Background: Frail Veterans are at increased risk for poor surgical outcomes. Although
surgeons operate safely on even the oldest old, if the elder is also frail, the stress of
surgery can result in significant mortality, morbidity, and institutionalization. Frailty is
a clinical syndrome marked by muscle atrophy, diminished strength, decreased physical
activity, and exhaustion. It is independent of any specific disease, but it increases with
age, and is a more powerful predictor of increased perioperative mortality, morbidity, length
of stay, and cost than predictions based on age or comorbidity alone. As the Veteran and US
populations grow older and more frail, it is critically important to identify effective
strategies for improving the surgical outcomes of these patients.

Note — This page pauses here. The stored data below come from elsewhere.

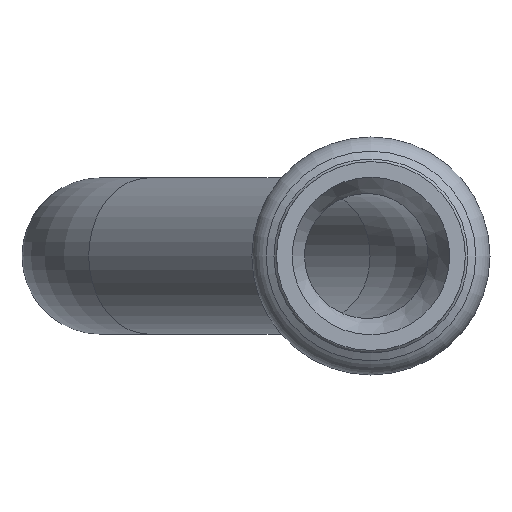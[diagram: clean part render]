
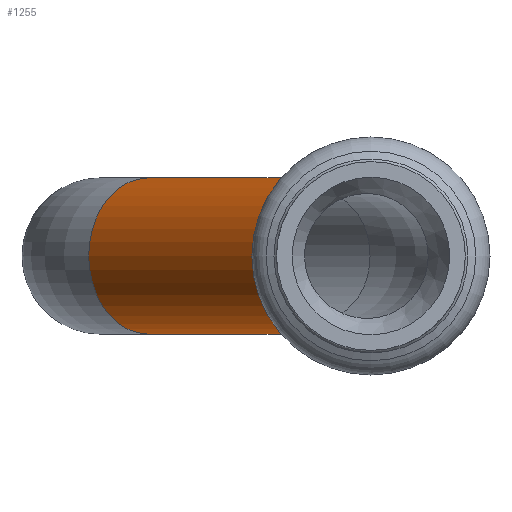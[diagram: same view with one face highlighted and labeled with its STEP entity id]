
A CAD part, left-side view. The second image highlights one B-rep face of the part: STEP entity #1255.
In plain terms, the highlighted cylindrical face has radius 7.5 mm (diameter 15 mm), a full revolution.
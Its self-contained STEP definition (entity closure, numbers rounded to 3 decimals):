
#1224=CARTESIAN_POINT('',(-17.677,27.136,0.));
#1225=VERTEX_POINT('',#1224);
#1226=CARTESIAN_POINT('',(-12.856,21.391,0.0));
#1227=DIRECTION('',(-0.766,-0.643,0.0));
#1228=DIRECTION('',(0.643,-0.766,0.0));
#1229=AXIS2_PLACEMENT_3D('',#1226,#1227,#1228);
#1230=CIRCLE('',#1229,7.5);
#1231=EDGE_CURVE('',#1225,#1225,#1230,.T.);
#1236=CARTESIAN_POINT('',(-32.772,4.679,0.0));
#1237=DIRECTION('',(0.766,0.643,0.0));
#1238=DIRECTION('',(0.643,-0.766,0.0));
#1239=AXIS2_PLACEMENT_3D('',#1236,#1237,#1238);
#1240=CYLINDRICAL_SURFACE('',#1239,7.5);
#1241=ORIENTED_EDGE('',*,*,#1231,.T.);
#1242=EDGE_LOOP('',(#1241));
#1243=FACE_OUTER_BOUND('',#1242,.T.);
#1244=CARTESIAN_POINT('',(-37.593,10.424,0.));
#1245=VERTEX_POINT('',#1244);
#1246=CARTESIAN_POINT('',(-32.772,4.679,0.0));
#1247=DIRECTION('',(-0.766,-0.643,0.0));
#1248=DIRECTION('',(0.643,-0.766,0.0));
#1249=AXIS2_PLACEMENT_3D('',#1246,#1247,#1248);
#1250=CIRCLE('',#1249,7.5);
#1251=EDGE_CURVE('',#1245,#1245,#1250,.T.);
#1252=ORIENTED_EDGE('',*,*,#1251,.F.);
#1253=EDGE_LOOP('',(#1252));
#1254=FACE_BOUND('',#1253,.T.);
#1255=ADVANCED_FACE('',(#1243,#1254),#1240,.T.);
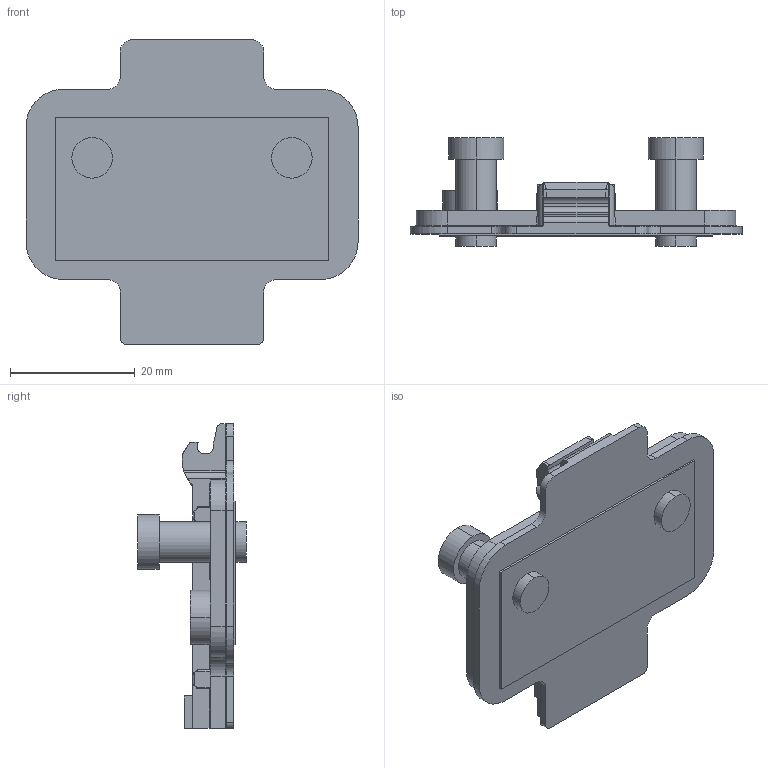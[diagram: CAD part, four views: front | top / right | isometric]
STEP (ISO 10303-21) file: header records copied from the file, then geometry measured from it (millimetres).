
FILE_DESCRIPTION (( 'STEP AP203' ), '1' );
FILE_NAME ('81T02TQA.STEP', '2024-07-27T02:51:06', ( '微软用户' ), ( '微软中国' ), 'SwSTEP 2.0', 'SolidWorks 2021', '' );
FILE_SCHEMA (( 'CONFIG_CONTROL_DESIGN' ));
Length unit declared in the file: millimetre
Products named in the file (1): 81T02TQA
Bounding box: 53.2 x 17.45 x 48.85 mm (x, y, z)
Volume: 10007.8 mm3; surface area: 6278.9 mm2
Topology: 1 solids, 1 shells, 272 faces, 722 edges, 460 vertices
Faces by surface type: cylinder 119, plane 106, torus 39, bspline 4, sphere 4
Entity records: 9015 total; most frequent: CARTESIAN_POINT 2130, DIRECTION 1457, ORIENTED_EDGE 1432, EDGE_CURVE 716, AXIS2_PLACEMENT_3D 536, VERTEX_POINT 460, LINE 385, VECTOR 385

"Prehabilitation" has the potential to improve surgical outcomes among the frail. Prior
research demonstrates that inter-disciplinary rehabilitation strategies deployed after
surgery enhance recovery and improve outcomes by building strength, improving nutrition, and
optimizing home supports. Based on this success, there is growing interest in deploying
similar interventions before surgery in what some call "prehabilitation." By modifying
physiological and environmental risks, prehabilitation aims to augment patients' capacity to
compensate for the stress of both surgery and recovery. Frail patients will likely benefit
disproportionately from prehabilitation because they have the most diminished capacity to
adapt to the stress of surgery. However, prehabilitation has not yet been studied in either
Veteran or specifically frail populations.
Objectives: We will examine the feasibility of a novel, multifaceted pre-habilitation
intervention aimed at improving postoperative outcomes for frail Veterans undergoing major
abdominal surgery. Specific aims are to:
1. Estimate rates of recruitment, randomization, retention, and compliance with the
prehabilitation intervention;
2. Measure (a) physical performance, (b) pulmonary function, and (c) nutrition at baseline
and 2-week intervals to estimate changes over time and explore the optimal duration of
prehabilitation (2 vs. 4 vs. 6 weeks); and
3. Estimate overall and treatment-specific summary statistics for postoperative outcomes in
terms of 30- and 90-day (a) mortality, (b) major complications, (c) length of hospital
stay, (d) health-related quality of life, (e) quality of surgical care, and (f) change
in level of independent living.
Methods: This randomized pilot study will enroll a consecutive cohort of up to 50 Veterans
identified as frail using a standardized frailty assessment and scheduled for major abdominal
surgery on the general or urological surgery services at the VA Pittsburgh Healthcare System.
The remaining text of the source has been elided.